A Knowledge-enhanced Multi-modal Large Language Model for Chinese Guqin Subtractive Notation Interpretation

doi:10.4324/9781003666530-12

Chapter

A Knowledge-enhanced Multi-modal Large Language Model for Chinese Guqin Subtractive Notation Interpretation

ABSTRACT

Guqin is one of the oldest traditional Chinese musical instruments, known for its refined sound and deep cultural symbolism as a typical multimodal cultural memory resource. The development of multimodal large language models (MLLMs) provides new solutions for the knowledge service of multimodal cultural memory resources. However, for the knowledge representation of some special cultural memory resources such as text, images, audio, and video resources related to the Guqin Subtractive Notation, the existing MLLMs need further optimisation to achieve the expected results.

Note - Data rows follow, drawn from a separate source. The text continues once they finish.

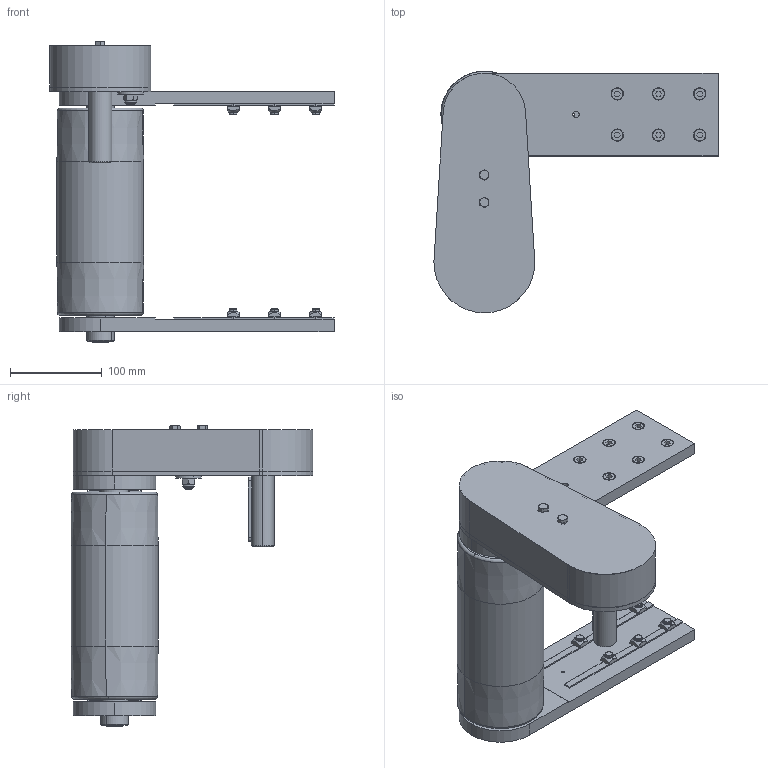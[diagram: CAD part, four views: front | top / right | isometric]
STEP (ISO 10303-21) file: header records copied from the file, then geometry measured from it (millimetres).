
FILE_DESCRIPTION (( 'STEP AP203' ), '1' );
FILE_NAME ('084.095.KTB.49.200.step', '2013-02-28T12:03:04', ( '' ), ( '' ), 'SwSTEP 2.0', 'SolidWorks 2011', '' );
FILE_SCHEMA (( 'CONFIG_CONTROL_DESIGN' ));
Length unit declared in the file: millimetre
Products named in the file (28): 084.095.KTB.49.200; Hex Screw GradeC_ALUSIC_ISO 4018 - M8 x 20-NS; Hex Screw GradeC_ALUSIC_ISO 4018 - M6 x 50-NS; ANELLI ELASTICI PER ESTERNI UNI 7435-75_Circlip DIN 471 - 30 x 1.5; CHIAVETTE_A 8x7x25 UNI 6604-69; CHIAVETTE_A 8x7x70 UNI 6604-69; Specchiatura084.302.000 DADI ALUSIC 13x13_084.302.004; 084.301.000 VITI ALUSIC_084.301.003; 084.302.000 DADI ALUSIC 13x13_084.302.004; 084.821.003; 084.810.006; Circlip for Shafts normal_din_Circlip DIN 471 - 8 x 0.8; Plain Washer XLarge Grade C_ALUSIC_Washer ISO 7094 - 8; Torque nut 01_ALUSIC_ISO 7040-M8-S; CUSCINETTI A SFERE_608-2RS; 084.810.008; 084.816.101_084.816.107<A macchina>; 084.813.005; 084.809.002; 084.821.002; 084.809.003; 084.813.002; 084.812.003; 084.802.019_084.802.019; 084.802.034_084.802.034; 084.808.002_084.808.002; 084.810.003; 084.808.003_084.808.003
Assembly tree (59 placements, depth 3):
  084.095.KTB.49.200
    CHIAVETTE_A 8x7x25 UNI 6604-69  x3
    CHIAVETTE_A 8x7x70 UNI 6604-69
    084.301.000 VITI ALUSIC_084.301.003  x12
    ANELLI ELASTICI PER ESTERNI UNI 7435-75_Circlip DIN 471 - 30 x 1.5  x2
    084.302.000 DADI ALUSIC 13x13_084.302.004  x6
    084.813.005
    084.812.003
    Hex Screw GradeC_ALUSIC_ISO 4018 - M8 x 20-NS  x4
    Specchiatura084.302.000 DADI ALUSIC 13x13_084.302.004  x6
    084.813.002
    084.816.101_084.816.107<A macchina>
    084.802.034_084.802.034
    084.810.003  x2
    Hex Screw GradeC_ALUSIC_ISO 4018 - M6 x 50-NS  x2
    084.809.003
    084.808.002_084.808.002
    084.821.002  x2
    084.809.002
    084.808.003_084.808.003
    084.821.003
    084.810.006
      Circlip for Shafts normal_din_Circlip DIN 471 - 8 x 0.8
      CUSCINETTI A SFERE_608-2RS  x3
      Plain Washer XLarge Grade C_ALUSIC_Washer ISO 7094 - 8
      084.810.008
      Torque nut 01_ALUSIC_ISO 7040-M8-S
    084.802.019_084.802.019
Bounding box: 310 x 263.99 x 327.88 mm (x, y, z)
Volume: 1708215.1 mm3; surface area: 704380.9 mm2
Topology: 63 solids, 64 shells, 2827 faces, 7309 edges, 4678 vertices
Faces by surface type: cylinder 1022, plane 857, cone 817, torus 122, sphere 9
Entity records: 54510 total; most frequent: CARTESIAN_POINT 9764, DIRECTION 9204, ORIENTED_EDGE 8304, EDGE_CURVE 4152, AXIS2_PLACEMENT_3D 3521, VERTEX_POINT 2673, LINE 2162, VECTOR 2162

This study uses multi-modal Guqin Subtractive Notation resources as training data, and combines them with the Knowledge Graph of Guqin Subtractive Notation to explore a vertical application path of MLLMs in the field of cultural heritage. The ultimate goal of this study is to use the knowledge-enhanced MLLMs to help more people understand the Guqin Subtractive Notation with the help of Generative AI technologies. The practical construction of the interpretation application scenario in this study demonstrates that LLMs perform better in solving discriminative problems, but in addressing generative issues in natural language interaction, combining Knowledge Graph technology and the formalised knowledge generated by human experts can significantly enhance the accuracy, reliability, and professionalism of LLMs in vertical tasks.